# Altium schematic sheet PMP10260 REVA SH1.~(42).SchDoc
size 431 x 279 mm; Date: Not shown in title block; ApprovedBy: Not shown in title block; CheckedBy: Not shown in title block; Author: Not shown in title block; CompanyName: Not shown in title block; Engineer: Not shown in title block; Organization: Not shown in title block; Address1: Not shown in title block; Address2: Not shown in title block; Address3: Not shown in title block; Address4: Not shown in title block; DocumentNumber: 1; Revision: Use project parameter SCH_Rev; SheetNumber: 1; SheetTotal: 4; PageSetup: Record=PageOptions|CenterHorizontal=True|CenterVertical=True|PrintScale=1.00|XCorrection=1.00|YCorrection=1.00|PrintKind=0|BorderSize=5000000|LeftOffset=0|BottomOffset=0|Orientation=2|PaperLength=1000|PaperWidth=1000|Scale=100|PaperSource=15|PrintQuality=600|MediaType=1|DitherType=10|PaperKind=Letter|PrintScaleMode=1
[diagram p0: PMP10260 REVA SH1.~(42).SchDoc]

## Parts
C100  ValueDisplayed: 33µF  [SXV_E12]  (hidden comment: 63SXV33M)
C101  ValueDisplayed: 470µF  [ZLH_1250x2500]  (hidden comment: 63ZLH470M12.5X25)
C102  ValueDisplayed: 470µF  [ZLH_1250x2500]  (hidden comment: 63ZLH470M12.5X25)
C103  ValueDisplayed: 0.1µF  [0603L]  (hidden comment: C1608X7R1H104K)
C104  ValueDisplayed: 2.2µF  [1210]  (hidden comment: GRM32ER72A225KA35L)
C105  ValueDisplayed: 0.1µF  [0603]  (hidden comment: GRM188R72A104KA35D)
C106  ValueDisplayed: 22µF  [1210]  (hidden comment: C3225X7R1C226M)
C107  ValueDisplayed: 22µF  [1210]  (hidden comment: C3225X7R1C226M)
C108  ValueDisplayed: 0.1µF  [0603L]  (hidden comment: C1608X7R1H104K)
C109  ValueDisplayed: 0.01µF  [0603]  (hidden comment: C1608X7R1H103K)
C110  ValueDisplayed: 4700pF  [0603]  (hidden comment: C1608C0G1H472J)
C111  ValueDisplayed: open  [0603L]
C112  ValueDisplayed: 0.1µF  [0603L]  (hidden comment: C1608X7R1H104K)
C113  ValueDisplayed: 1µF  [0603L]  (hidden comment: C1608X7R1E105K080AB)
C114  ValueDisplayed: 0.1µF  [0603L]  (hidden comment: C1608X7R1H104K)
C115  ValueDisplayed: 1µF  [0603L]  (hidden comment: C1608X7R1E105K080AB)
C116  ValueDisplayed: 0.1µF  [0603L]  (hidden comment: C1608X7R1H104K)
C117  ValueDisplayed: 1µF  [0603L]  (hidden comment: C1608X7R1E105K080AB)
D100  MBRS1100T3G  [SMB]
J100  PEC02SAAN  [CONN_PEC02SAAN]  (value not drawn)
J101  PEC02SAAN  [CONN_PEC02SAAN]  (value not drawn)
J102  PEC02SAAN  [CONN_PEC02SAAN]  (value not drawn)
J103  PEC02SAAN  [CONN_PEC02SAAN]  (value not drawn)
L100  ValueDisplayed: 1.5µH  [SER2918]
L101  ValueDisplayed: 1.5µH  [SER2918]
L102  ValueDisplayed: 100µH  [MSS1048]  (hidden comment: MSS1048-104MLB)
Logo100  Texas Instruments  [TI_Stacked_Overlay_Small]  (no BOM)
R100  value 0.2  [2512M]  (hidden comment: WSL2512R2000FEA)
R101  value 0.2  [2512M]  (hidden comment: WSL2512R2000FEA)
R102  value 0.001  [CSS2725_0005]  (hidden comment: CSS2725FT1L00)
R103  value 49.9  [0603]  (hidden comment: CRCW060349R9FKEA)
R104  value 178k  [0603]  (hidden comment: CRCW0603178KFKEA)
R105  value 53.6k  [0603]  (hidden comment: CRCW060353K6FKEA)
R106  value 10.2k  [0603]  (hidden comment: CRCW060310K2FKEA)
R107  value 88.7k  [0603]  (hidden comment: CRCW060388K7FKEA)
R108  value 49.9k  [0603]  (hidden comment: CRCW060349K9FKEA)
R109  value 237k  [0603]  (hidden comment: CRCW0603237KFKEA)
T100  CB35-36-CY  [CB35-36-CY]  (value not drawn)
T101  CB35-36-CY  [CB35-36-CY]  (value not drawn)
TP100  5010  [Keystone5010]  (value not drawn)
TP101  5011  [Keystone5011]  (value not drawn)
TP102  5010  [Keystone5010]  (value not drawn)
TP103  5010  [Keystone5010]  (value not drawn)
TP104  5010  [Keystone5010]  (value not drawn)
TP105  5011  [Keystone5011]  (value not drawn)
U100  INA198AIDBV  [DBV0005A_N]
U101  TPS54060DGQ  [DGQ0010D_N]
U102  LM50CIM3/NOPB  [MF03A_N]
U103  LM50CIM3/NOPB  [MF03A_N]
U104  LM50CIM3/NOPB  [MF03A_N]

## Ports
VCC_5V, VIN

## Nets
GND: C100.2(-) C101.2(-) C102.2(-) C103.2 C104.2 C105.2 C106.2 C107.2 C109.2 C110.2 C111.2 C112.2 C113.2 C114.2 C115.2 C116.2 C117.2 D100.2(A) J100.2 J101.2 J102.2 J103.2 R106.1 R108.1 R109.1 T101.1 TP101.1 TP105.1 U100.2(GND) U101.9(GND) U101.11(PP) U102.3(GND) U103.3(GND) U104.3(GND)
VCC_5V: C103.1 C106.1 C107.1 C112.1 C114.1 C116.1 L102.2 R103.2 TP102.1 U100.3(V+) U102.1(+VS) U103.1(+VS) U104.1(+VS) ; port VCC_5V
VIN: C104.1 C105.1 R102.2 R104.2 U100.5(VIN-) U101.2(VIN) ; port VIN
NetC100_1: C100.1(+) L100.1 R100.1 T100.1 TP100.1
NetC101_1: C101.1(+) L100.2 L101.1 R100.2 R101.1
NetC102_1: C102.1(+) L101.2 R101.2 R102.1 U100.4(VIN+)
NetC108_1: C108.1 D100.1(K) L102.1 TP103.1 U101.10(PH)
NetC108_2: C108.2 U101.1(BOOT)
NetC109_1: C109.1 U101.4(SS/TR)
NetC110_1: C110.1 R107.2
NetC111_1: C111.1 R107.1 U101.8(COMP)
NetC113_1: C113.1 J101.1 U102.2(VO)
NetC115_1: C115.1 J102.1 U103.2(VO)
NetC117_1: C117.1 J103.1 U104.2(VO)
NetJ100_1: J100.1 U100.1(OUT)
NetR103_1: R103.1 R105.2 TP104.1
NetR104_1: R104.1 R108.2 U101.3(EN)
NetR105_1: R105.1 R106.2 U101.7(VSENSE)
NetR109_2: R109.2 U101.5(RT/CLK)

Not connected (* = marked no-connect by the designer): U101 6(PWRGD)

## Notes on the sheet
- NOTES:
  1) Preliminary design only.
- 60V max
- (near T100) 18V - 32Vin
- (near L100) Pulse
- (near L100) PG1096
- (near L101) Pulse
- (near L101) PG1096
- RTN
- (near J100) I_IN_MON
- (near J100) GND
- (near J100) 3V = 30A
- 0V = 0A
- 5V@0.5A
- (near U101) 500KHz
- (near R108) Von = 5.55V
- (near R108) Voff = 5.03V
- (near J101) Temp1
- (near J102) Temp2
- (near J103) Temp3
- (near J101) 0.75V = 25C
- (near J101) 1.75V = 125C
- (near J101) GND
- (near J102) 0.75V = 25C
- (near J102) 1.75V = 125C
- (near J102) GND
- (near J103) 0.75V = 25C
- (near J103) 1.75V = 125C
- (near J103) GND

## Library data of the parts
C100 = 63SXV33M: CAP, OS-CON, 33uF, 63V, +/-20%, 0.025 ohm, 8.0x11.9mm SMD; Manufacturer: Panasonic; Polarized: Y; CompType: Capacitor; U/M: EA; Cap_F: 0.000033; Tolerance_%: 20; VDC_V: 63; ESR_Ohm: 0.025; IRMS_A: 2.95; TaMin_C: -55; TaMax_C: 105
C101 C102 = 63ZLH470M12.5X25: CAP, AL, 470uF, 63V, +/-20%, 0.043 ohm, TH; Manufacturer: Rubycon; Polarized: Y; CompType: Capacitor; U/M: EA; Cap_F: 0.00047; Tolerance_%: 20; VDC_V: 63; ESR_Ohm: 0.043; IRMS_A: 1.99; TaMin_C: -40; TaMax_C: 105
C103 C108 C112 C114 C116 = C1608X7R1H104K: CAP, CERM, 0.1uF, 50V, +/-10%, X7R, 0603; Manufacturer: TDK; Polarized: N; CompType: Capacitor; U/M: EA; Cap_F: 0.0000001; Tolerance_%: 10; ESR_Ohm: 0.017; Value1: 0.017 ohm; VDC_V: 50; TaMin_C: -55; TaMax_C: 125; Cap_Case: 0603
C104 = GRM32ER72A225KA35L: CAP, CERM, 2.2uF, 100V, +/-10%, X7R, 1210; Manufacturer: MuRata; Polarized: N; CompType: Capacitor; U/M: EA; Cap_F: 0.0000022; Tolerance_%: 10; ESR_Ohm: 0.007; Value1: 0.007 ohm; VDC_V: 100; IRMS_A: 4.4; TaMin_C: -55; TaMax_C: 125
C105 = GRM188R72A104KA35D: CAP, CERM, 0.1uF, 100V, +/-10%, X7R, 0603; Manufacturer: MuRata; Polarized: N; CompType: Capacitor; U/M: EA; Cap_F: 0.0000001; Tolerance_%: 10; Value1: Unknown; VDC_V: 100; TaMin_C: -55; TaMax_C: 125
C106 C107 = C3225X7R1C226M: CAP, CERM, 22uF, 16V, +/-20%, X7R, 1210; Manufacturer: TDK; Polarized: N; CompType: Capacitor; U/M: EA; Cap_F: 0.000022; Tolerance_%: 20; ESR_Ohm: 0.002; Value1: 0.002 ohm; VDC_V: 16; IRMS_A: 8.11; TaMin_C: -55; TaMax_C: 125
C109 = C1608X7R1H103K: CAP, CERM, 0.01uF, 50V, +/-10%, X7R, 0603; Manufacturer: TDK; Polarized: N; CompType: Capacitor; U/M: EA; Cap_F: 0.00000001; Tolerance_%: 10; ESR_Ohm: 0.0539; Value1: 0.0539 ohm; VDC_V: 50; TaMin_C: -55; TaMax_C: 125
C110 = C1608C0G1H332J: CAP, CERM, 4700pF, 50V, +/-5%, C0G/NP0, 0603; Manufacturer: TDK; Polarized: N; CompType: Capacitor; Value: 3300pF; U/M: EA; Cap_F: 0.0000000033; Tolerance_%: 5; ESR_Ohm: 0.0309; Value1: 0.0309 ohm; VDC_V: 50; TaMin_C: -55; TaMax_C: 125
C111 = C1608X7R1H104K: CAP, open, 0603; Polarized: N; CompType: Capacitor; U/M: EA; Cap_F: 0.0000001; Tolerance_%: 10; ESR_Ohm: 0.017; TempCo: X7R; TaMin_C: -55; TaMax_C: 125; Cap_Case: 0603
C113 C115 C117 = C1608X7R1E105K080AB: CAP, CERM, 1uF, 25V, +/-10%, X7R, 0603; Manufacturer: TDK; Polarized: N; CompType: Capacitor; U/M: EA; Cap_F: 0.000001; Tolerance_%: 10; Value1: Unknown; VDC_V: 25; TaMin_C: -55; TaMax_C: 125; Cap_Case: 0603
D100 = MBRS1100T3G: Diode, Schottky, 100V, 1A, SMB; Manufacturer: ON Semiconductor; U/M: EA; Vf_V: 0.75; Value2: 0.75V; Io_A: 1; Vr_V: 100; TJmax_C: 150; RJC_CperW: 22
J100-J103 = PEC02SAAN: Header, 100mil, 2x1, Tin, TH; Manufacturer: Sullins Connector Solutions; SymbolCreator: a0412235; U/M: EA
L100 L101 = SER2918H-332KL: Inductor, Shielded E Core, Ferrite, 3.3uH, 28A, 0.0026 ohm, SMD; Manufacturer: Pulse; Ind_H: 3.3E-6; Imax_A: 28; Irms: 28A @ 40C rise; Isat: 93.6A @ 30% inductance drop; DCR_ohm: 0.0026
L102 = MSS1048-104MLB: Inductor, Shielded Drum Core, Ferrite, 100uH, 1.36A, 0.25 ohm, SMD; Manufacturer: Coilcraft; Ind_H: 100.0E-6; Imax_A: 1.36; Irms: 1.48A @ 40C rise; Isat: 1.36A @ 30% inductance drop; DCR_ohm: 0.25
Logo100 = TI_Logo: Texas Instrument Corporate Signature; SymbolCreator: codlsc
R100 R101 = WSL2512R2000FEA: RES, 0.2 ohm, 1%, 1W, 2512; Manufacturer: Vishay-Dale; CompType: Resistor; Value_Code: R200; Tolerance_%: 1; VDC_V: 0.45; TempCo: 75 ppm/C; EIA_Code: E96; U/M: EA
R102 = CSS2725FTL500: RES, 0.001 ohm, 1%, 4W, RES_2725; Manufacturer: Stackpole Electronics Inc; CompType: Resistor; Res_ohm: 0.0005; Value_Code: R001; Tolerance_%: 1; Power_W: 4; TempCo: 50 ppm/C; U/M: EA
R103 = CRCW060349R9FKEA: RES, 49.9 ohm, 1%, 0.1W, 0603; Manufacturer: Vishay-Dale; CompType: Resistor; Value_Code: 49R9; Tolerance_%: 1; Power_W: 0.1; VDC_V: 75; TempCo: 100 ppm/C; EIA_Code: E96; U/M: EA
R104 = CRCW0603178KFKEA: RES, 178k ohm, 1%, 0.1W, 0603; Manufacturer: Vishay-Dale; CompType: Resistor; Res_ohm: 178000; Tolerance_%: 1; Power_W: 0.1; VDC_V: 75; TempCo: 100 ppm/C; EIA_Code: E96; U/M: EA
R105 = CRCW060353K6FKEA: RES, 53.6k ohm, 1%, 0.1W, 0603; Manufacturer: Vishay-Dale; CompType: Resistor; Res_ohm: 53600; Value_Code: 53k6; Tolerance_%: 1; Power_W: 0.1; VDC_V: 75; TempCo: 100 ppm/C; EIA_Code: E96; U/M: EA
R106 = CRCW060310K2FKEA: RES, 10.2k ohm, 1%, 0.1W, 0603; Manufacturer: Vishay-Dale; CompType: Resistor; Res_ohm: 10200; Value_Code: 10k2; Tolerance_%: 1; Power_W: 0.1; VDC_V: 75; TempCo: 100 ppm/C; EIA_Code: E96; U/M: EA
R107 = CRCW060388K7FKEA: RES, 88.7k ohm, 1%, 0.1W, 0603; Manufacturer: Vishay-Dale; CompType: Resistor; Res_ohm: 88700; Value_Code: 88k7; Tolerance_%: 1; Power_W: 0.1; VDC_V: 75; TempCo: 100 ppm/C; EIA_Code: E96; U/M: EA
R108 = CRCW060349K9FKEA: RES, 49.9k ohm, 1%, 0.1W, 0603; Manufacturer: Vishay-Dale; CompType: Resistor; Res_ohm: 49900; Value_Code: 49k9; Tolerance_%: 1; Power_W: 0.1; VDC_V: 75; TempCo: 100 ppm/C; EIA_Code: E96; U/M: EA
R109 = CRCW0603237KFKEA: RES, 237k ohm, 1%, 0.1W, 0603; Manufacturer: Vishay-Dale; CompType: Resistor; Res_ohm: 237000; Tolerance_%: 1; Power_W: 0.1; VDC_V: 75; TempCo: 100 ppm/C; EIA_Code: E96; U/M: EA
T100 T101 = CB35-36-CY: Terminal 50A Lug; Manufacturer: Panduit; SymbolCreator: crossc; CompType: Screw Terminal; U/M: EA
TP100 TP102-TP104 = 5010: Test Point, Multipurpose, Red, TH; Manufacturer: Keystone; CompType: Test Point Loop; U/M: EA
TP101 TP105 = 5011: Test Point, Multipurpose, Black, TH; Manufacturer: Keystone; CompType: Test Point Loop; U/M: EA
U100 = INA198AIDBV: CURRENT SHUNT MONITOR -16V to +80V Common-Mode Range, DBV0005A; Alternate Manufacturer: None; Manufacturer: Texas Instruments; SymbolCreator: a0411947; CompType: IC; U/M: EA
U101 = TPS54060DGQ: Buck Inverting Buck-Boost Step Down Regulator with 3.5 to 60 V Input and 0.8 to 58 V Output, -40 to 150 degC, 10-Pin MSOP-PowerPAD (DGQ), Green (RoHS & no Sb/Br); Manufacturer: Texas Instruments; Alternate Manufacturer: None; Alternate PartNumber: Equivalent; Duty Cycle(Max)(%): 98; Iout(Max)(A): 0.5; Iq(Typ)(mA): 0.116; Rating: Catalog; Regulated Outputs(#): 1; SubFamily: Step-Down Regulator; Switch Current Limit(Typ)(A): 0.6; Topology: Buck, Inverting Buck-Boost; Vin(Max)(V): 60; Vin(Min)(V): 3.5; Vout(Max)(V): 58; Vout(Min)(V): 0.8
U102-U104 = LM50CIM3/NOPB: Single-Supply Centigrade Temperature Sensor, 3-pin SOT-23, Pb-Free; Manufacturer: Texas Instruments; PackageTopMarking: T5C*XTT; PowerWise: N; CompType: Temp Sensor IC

DIRECTIONS FOR THIS TASK: Across all the records, find the lines containing the word "Texas" and reproduce each one.

RESPONSE TO THE EXERCISE:
Logo100  Texas Instruments  [TI_Stacked_Overlay_Small]  (no BOM)
Logo100 = TI_Logo: Texas Instrument Corporate Signature; SymbolCreator: codlsc
U100 = INA198AIDBV: CURRENT SHUNT MONITOR -16V to +80V Common-Mode Range, DBV0005A; Alternate Manufacturer: None; Manufacturer: Texas Instruments; SymbolCreator: a0411947; CompType: IC; U/M: EA
U101 = TPS54060DGQ: Buck Inverting Buck-Boost Step Down Regulator with 3.5 to 60 V Input and 0.8 to 58 V Output, -40 to 150 degC, 10-Pin MSOP-PowerPAD (DGQ), Green (RoHS & no Sb/Br); Manufacturer: Texas Instruments; Alternate Manufacturer: None; Alternate PartNumber: Equivalent; Duty Cycle(Max)(%): 98; Iout(Max)(A): 0.5; Iq(Typ)(mA): 0.116; Rating: Catalog; Regulated Outputs(#): 1; SubFamily: Step-Down Regulator; Switch Current Limit(Typ)(A): 0.6; Topology: Buck, Inverting Buck-Boost; Vin(Max)(V): 60; Vin(Min)(V): 3.5; Vout(Max)(V): 58; Vout(Min)(V): 0.8
U102-U104 = LM50CIM3/NOPB: Single-Supply Centigrade Temperature Sensor, 3-pin SOT-23, Pb-Free; Manufacturer: Texas Instruments; PackageTopMarking: T5C*XTT; PowerWise: N; CompType: Temp Sensor IC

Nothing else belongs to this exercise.